Du docteur Aubé
à Franklin Grout
Mon cher Franklin,
Mon pavillon d’Étretat étant à 100 mètres de celui de Maupassant, j’ai eu bien fréquemment l’occasion de le voir ou de causer avec lui de l’état de sa santé.
Fils d’une mère atteinte toute sa vie de la maladie dite de Graves le fameux médecin de Dublin, ce sont les yeux qui ont commencé à le tourmenter. Madame Camentron et ma femme étant elles-mêmes exophtalmiques je suis très au courant de cette maladie et lui expliquais à sa grande stupéfaction tout ce qu’il devait éprouver et éprouverait par la suite.
Il en conçut même contre ceux qui n’avaient pas porté le diagnostic une certaine animosité dont un de ses romans est un peu l’écho
1.
Au lieu de modifier sa vie dans le calme et le repos il n’a fait depuis cette époque que se surmener moralement et physiquement. Bref son grand sympathique
2 fait aussi mal sa fonction qu’il est possible de se l’imaginer.

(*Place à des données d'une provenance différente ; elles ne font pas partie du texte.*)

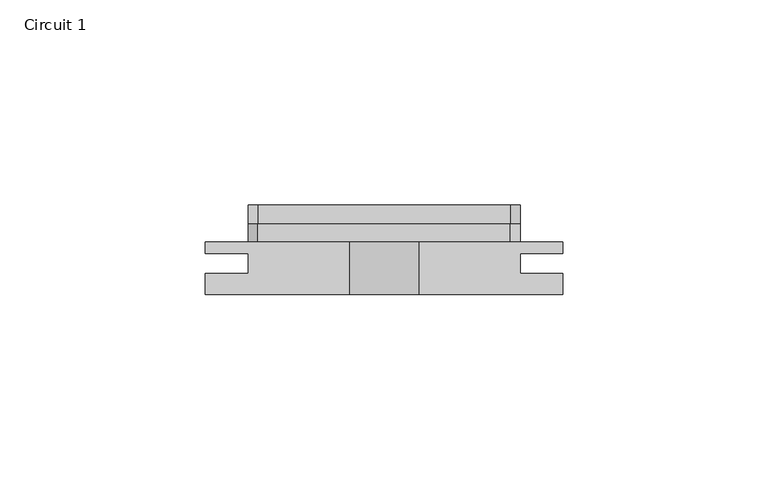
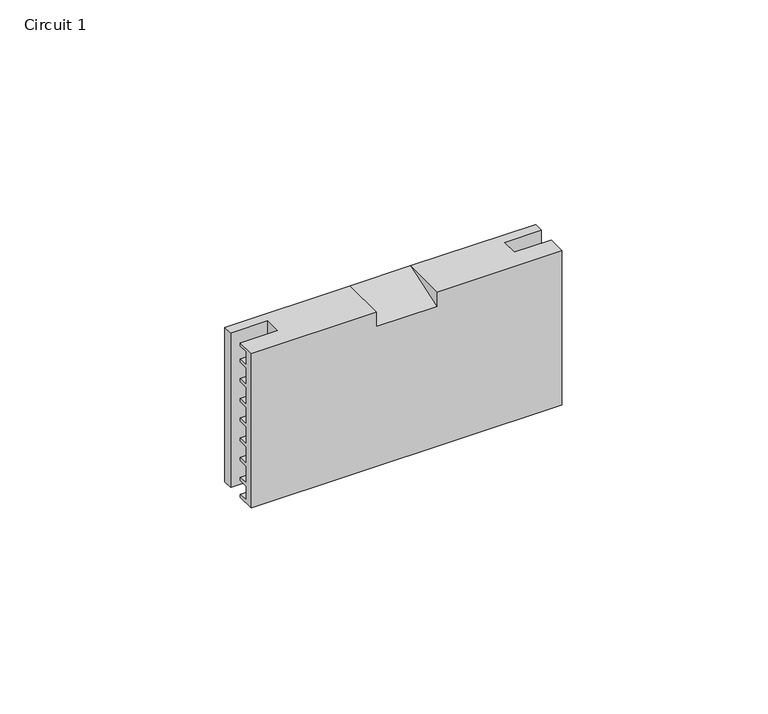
"""IFC4 building model written with IfcOpenShell, lengths in millimetres: furniture geometry, HON - Systems - Accelerate Duplex Receptacles : Circuit 1."""

from ifc_helpers import new_model, si_unit, frame, origin, place, context, project, spatial, polyline, circle_curve, faceted_brep, source, transform, mapped, element, save
from ifc_brep_helpers import plane_surface, cylinder_surface, revolved_surface, advanced_brep


def circuit_1_12633536(model_context):
    return source(origin(), model_context, "Body", "SolidModel", [
        faceted_brep([(43.4462126, 14.2112998, 675.3605936), (33.1343011, 14.2112998, 675.3605936), (33.1343011, 19.0372998, 675.3605936), (43.4462126, 19.0372998, 675.3605936), (43.4462126, 21.7928028, 675.3605936), (8.5470999, 21.7928028, 675.3605936), (8.5470999, 9.0804999, 675.3605936), (43.4462126, 9.0804999, 675.3605936), (-43.5229021, 9.0804999, 675.3605936), (-8.5217, 9.0804999, 675.3605936), (-8.5217, 21.7928028, 675.3605936), (-43.5229021, 21.7928028, 675.3605936), (-43.5229021, 19.0372998, 675.3605936), (-33.1343011, 19.0372998, 675.3605936), (-33.1343011, 14.2112998, 675.3605936), (-43.5229021, 14.2112998, 675.3605936), (43.4462126, 21.7928028, 629.6405645), (43.4462126, 19.0372998, 629.6405645), (33.1343011, 19.0372998, 629.6405645), (33.1343011, 14.2112998, 629.6405645), (43.4462126, 14.2112998, 629.6405645), (43.4462126, 9.0804999, 629.6405645), (-43.5229021, 9.0804999, 629.6405645), (-43.5229021, 14.2112998, 629.6405645), (-33.1343011, 14.2112998, 629.6405645), (-33.1343011, 19.0372998, 629.6405645), (-43.5229021, 19.0372998, 629.6405645), (-43.5229021, 21.7928028, 629.6405645), (8.5470999, 9.0804999, 670.9933456), (-8.5217, 9.0804999, 670.9933456), (-43.5229021, 14.2112998, 674.4716217), (-43.5229021, 11.3665005, 674.4716217), (-43.5229021, 11.3665005, 670.5980936), (-43.5229021, 14.2112998, 670.5980936), (-43.5229021, 14.2112998, 669.7091217), (-43.5229021, 11.3665005, 669.7091217), (-43.5229021, 11.3665005, 664.756081), (-43.5229021, 14.2112998, 664.756081), (-43.5229021, 14.2112998, 663.8671091), (-43.5229021, 11.3665005, 663.8671091), (-43.5229021, 11.3665005, 658.9140684), (-43.5229021, 14.2112998, 658.9140684), (-43.5229021, 14.2112998, 658.0250965), (-43.5229021, 11.3665005, 658.0250965), (-43.5229021, 11.3665005, 653.0721285), (-43.5229021, 14.2112998, 653.0721285), (-43.5229021, 14.2112998, 652.1830839), (-43.5229021, 11.3665005, 652.1830839), (-43.5229021, 11.3665005, 647.2301159), (-43.5229021, 14.2112998, 647.2301159), (-43.5229021, 14.2112998, 646.3410713), (-43.5229021, 11.3665005, 646.3410713), (-43.5229021, 11.3665005, 641.3881033), (-43.5229021, 14.2112998, 641.3881033), (-43.5229021, 14.2112998, 640.4991314), (-43.5229021, 11.3665005, 640.4991314), (-43.5229021, 11.3665005, 635.5460907), (-43.5229021, 14.2112998, 635.5460907), (-43.5229021, 14.2112998, 634.6571188), (-43.5229021, 11.3665005, 634.6571188), (-43.5229021, 11.3665005, 630.5296091), (-43.5229021, 14.2112998, 630.5296091), (43.4462126, 14.2112998, 630.5296091), (43.4462126, 11.3665005, 630.5296091), (43.4462126, 11.3665005, 634.6571188), (43.4462126, 14.2112998, 634.6571188), (43.4462126, 14.2112998, 635.5460907), (43.4462126, 11.3665005, 635.5460907), (43.4462126, 11.3665005, 640.4991314), (43.4462126, 14.2112998, 640.4991314), (43.4462126, 14.2112998, 641.3881033), (43.4462126, 11.3665005, 641.3881033), (43.4462126, 11.3665005, 646.3410713), (43.4462126, 14.2112998, 646.3410713), (43.4462126, 14.2112998, 647.2301159), (43.4462126, 11.3665005, 647.2301159), (43.4462126, 11.3665005, 652.1830839), (43.4462126, 14.2112998, 652.1830839), (43.4462126, 14.2112998, 653.0721285), (43.4462126, 11.3665005, 653.0721285), (43.4462126, 11.3665005, 658.0250965), (43.4462126, 14.2112998, 658.0250965), (43.4462126, 14.2112998, 658.9140684), (43.4462126, 11.3665005, 658.9140684), (43.4462126, 11.3665005, 663.8671091), (43.4462126, 14.2112998, 663.8671091), (43.4462126, 14.2112998, 664.756081), (43.4462126, 11.3665005, 664.756081), (43.4462126, 11.3665005, 669.7091217), (43.4462126, 14.2112998, 669.7091217), (43.4462126, 14.2112998, 670.5980936), (43.4462126, 11.3665005, 670.5980936), (43.4462126, 11.3665005, 674.4716217), (43.4462126, 14.2112998, 674.4716217), (33.1343011, 14.2112998, 630.5296091), (33.1343011, 14.2112998, 674.4716217), (33.1343011, 11.3665005, 674.4716217), (33.1343011, 11.3665005, 670.5980936), (33.1343011, 14.2112998, 670.5980936), (33.1343011, 14.2112998, 669.7091217), (33.1343011, 11.3665005, 669.7091217), (33.1343011, 11.3665005, 664.756081), (33.1343011, 14.2112998, 664.756081), (33.1343011, 14.2112998, 663.8671091), (33.1343011, 11.3665005, 663.8671091), (33.1343011, 11.3665005, 658.9140684), (33.1343011, 14.2112998, 658.9140684), (33.1343011, 14.2112998, 658.0250965), (33.1343011, 11.3665005, 658.0250965), (33.1343011, 11.3665005, 653.0721285), (33.1343011, 14.2112998, 653.0721285), (33.1343011, 14.2112998, 652.1830839), (33.1343011, 11.3665005, 652.1830839), (33.1343011, 11.3665005, 647.2301159), (33.1343011, 14.2112998, 647.2301159), (33.1343011, 14.2112998, 646.3410713), (33.1343011, 11.3665005, 646.3410713), (33.1343011, 11.3665005, 641.3881033), (33.1343011, 14.2112998, 641.3881033), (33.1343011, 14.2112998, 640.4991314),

Si au lieu de perdre un peu de sang il en avait perdu un litre j’estime qu’il aurait fait un grand pas vers la guérison.
La saignée du pied avec des douches au maximum de pression sont ce qui m’a réussi le mieux pour ma femme. Elle entrait à la douche chez Battentuis avec 125 pulsations et sortait 10 minutes après avec 80 à 85.
Dans cette maladie le sang arrive bien aux capillaires mais ne s’en retourne pas au cœur ce qui cause un affolement de cet organe.
Il est donc justiciable de la saignée des douches et du bromure de potassium et de l’eau de laurier cerise à haute dose. Voilà la cuisine dont je me suis toujours admirablement trouvé pour ma femme. C’est donc un malade et non un aliéné.
Je vous serre bien amicalement la main.